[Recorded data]
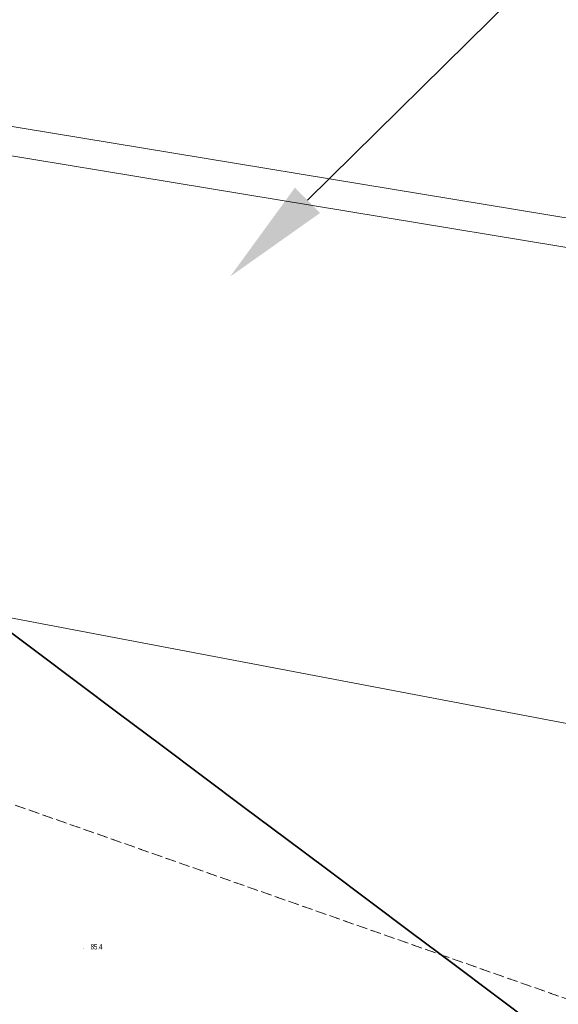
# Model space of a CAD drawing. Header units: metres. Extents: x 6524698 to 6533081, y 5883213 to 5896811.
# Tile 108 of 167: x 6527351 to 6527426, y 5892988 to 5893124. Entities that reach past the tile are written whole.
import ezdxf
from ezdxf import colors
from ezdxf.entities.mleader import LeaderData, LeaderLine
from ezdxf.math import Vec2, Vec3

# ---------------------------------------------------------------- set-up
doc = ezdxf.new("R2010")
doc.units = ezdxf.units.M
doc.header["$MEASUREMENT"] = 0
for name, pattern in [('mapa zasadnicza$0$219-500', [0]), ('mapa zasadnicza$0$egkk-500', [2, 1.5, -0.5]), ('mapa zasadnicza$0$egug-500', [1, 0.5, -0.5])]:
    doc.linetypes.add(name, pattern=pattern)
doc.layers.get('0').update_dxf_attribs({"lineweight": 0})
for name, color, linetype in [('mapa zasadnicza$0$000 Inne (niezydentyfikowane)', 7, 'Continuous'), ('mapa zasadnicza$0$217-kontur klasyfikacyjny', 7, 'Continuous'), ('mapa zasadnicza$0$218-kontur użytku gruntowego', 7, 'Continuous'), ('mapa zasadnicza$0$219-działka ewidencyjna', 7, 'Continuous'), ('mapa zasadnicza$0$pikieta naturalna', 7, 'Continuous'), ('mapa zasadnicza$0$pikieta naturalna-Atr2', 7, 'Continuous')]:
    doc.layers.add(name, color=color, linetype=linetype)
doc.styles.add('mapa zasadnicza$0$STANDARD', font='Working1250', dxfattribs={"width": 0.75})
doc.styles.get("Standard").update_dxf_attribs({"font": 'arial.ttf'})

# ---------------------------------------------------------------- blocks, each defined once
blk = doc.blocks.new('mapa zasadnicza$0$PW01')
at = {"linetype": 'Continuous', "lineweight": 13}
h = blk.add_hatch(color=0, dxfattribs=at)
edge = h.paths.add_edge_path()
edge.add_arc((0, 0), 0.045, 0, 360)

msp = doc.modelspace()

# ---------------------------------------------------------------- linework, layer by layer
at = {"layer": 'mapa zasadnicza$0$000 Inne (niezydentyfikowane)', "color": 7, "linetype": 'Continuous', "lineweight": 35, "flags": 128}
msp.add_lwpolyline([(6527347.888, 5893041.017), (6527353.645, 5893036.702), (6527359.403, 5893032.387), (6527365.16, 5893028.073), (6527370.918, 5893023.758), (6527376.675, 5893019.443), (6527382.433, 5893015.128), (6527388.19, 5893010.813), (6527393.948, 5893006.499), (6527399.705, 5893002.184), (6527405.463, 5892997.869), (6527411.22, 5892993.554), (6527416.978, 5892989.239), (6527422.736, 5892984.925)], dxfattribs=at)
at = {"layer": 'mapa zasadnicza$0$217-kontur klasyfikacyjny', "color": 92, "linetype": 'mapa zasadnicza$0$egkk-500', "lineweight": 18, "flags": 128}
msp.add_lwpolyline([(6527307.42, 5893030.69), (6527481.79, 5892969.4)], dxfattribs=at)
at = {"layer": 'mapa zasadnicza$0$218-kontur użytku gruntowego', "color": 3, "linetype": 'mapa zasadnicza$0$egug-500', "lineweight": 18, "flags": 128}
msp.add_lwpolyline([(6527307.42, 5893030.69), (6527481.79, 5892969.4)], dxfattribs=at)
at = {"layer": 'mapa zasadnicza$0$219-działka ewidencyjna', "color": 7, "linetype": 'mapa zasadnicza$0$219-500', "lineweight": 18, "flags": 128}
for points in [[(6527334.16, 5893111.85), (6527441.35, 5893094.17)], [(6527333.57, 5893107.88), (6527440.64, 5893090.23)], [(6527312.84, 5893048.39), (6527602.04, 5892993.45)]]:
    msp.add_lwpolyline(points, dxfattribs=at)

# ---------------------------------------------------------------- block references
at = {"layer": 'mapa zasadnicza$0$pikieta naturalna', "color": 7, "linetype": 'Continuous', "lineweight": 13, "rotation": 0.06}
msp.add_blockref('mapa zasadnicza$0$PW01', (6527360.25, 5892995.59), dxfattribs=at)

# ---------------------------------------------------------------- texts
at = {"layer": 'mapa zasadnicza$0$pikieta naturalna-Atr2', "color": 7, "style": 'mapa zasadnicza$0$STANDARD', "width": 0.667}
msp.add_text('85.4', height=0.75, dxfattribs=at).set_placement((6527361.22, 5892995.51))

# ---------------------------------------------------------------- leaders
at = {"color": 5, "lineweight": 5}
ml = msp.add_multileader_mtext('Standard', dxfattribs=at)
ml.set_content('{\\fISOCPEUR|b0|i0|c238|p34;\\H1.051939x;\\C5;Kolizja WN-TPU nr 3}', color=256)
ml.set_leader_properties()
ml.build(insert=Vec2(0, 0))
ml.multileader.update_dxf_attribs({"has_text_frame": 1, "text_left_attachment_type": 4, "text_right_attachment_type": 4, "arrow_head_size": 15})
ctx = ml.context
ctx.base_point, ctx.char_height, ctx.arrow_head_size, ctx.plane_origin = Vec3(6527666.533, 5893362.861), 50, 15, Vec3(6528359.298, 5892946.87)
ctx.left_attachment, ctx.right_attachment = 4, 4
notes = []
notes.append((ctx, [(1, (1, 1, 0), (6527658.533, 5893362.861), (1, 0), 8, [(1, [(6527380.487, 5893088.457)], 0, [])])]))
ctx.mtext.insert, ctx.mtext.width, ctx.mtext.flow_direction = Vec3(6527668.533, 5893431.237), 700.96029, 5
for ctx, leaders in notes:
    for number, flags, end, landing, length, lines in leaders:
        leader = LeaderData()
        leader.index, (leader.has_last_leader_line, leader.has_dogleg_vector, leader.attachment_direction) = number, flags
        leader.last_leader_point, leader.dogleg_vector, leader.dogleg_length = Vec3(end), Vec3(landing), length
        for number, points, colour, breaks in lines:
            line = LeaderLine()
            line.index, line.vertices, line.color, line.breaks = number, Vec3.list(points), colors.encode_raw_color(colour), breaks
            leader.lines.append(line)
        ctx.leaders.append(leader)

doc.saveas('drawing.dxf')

Assigned task :: Restate all entries exactly; pictures stay out.

Result for this exercise ::
# Model space of a CAD drawing. Header units: metres. Extents: x 6524698 to 6533081, y 5883213 to 5896811.
# Tile 108 of 167: x 6527351 to 6527426, y 5892988 to 5893124. Entities that reach past the tile are written whole.
import ezdxf
from ezdxf import colors
from ezdxf.entities.mleader import LeaderData, LeaderLine
from ezdxf.math import Vec2, Vec3

# ---------------------------------------------------------------- set-up
doc = ezdxf.new("R2010")
doc.units = ezdxf.units.M
doc.header["$MEASUREMENT"] = 0
for name, pattern in [('mapa zasadnicza$0$219-500', [0]), ('mapa zasadnicza$0$egkk-500', [2, 1.5, -0.5]), ('mapa zasadnicza$0$egug-500', [1, 0.5, -0.5])]:
    doc.linetypes.add(name, pattern=pattern)
doc.layers.get('0').update_dxf_attribs({"lineweight": 0})
for name, color, linetype in [('mapa zasadnicza$0$000 Inne (niezydentyfikowane)', 7, 'Continuous'), ('mapa zasadnicza$0$217-kontur klasyfikacyjny', 7, 'Continuous'), ('mapa zasadnicza$0$218-kontur użytku gruntowego', 7, 'Continuous'), ('mapa zasadnicza$0$219-działka ewidencyjna', 7, 'Continuous'), ('mapa zasadnicza$0$pikieta naturalna', 7, 'Continuous'), ('mapa zasadnicza$0$pikieta naturalna-Atr2', 7, 'Continuous')]:
    doc.layers.add(name, color=color, linetype=linetype)
doc.styles.add('mapa zasadnicza$0$STANDARD', font='Working1250', dxfattribs={"width": 0.75})
doc.styles.get("Standard").update_dxf_attribs({"font": 'arial.ttf'})

# ---------------------------------------------------------------- blocks, each defined once
blk = doc.blocks.new('mapa zasadnicza$0$PW01')
at = {"linetype": 'Continuous', "lineweight": 13}
h = blk.add_hatch(color=0, dxfattribs=at)
edge = h.paths.add_edge_path()
edge.add_arc((0, 0), 0.045, 0, 360)

msp = doc.modelspace()

# ---------------------------------------------------------------- linework, layer by layer
at = {"layer": 'mapa zasadnicza$0$000 Inne (niezydentyfikowane)', "color": 7, "linetype": 'Continuous', "lineweight": 35, "flags": 128}
msp.add_lwpolyline([(6527347.888, 5893041.017), (6527353.645, 5893036.702), (6527359.403, 5893032.387), (6527365.16, 5893028.073), (6527370.918, 5893023.758), (6527376.675, 5893019.443), (6527382.433, 5893015.128), (6527388.19, 5893010.813), (6527393.948, 5893006.499), (6527399.705, 5893002.184), (6527405.463, 5892997.869), (6527411.22, 5892993.554), (6527416.978, 5892989.239), (6527422.736, 5892984.925)], dxfattribs=at)
at = {"layer": 'mapa zasadnicza$0$217-kontur klasyfikacyjny', "color": 92, "linetype": 'mapa zasadnicza$0$egkk-500', "lineweight": 18, "flags": 128}
msp.add_lwpolyline([(6527307.42, 5893030.69), (6527481.79, 5892969.4)], dxfattribs=at)
at = {"layer": 'mapa zasadnicza$0$218-kontur użytku gruntowego', "color": 3, "linetype": 'mapa zasadnicza$0$egug-500', "lineweight": 18, "flags": 128}
msp.add_lwpolyline([(6527307.42, 5893030.69), (6527481.79, 5892969.4)], dxfattribs=at)
at = {"layer": 'mapa zasadnicza$0$219-działka ewidencyjna', "color": 7, "linetype": 'mapa zasadnicza$0$219-500', "lineweight": 18, "flags": 128}
for points in [[(6527334.16, 5893111.85), (6527441.35, 5893094.17)], [(6527333.57, 5893107.88), (6527440.64, 5893090.23)], [(6527312.84, 5893048.39), (6527602.04, 5892993.45)]]:
    msp.add_lwpolyline(points, dxfattribs=at)

# ---------------------------------------------------------------- block references
at = {"layer": 'mapa zasadnicza$0$pikieta naturalna', "color": 7, "linetype": 'Continuous', "lineweight": 13, "rotation": 0.06}
msp.add_blockref('mapa zasadnicza$0$PW01', (6527360.25, 5892995.59), dxfattribs=at)

# ---------------------------------------------------------------- texts
at = {"layer": 'mapa zasadnicza$0$pikieta naturalna-Atr2', "color": 7, "style": 'mapa zasadnicza$0$STANDARD', "width": 0.667}
msp.add_text('85.4', height=0.75, dxfattribs=at).set_placement((6527361.22, 5892995.51))

# ---------------------------------------------------------------- leaders
at = {"color": 5, "lineweight": 5}
ml = msp.add_multileader_mtext('Standard', dxfattribs=at)
ml.set_content('{\\fISOCPEUR|b0|i0|c238|p34;\\H1.051939x;\\C5;Kolizja WN-TPU nr 3}', color=256)
ml.set_leader_properties()
ml.build(insert=Vec2(0, 0))
ml.multileader.update_dxf_attribs({"has_text_frame": 1, "text_left_attachment_type": 4, "text_right_attachment_type": 4, "arrow_head_size": 15})
ctx = ml.context
ctx.base_point, ctx.char_height, ctx.arrow_head_size, ctx.plane_origin = Vec3(6527666.533, 5893362.861), 50, 15, Vec3(6528359.298, 5892946.87)
ctx.left_attachment, ctx.right_attachment = 4, 4
notes = []
notes.append((ctx, [(1, (1, 1, 0), (6527658.533, 5893362.861), (1, 0), 8, [(1, [(6527380.487, 5893088.457)], 0, [])])]))
ctx.mtext.insert, ctx.mtext.width, ctx.mtext.flow_direction = Vec3(6527668.533, 5893431.237), 700.96029, 5
for ctx, leaders in notes:
    for number, flags, end, landing, length, lines in leaders:
        leader = LeaderData()
        leader.index, (leader.has_last_leader_line, leader.has_dogleg_vector, leader.attachment_direction) = number, flags
        leader.last_leader_point, leader.dogleg_vector, leader.dogleg_length = Vec3(end), Vec3(landing), length
        for number, points, colour, breaks in lines:
            line = LeaderLine()
            line.index, line.vertices, line.color, line.breaks = number, Vec3.list(points), colors.encode_raw_color(colour), breaks
            leader.lines.append(line)
        ctx.leaders.append(leader)

doc.saveas('drawing.dxf')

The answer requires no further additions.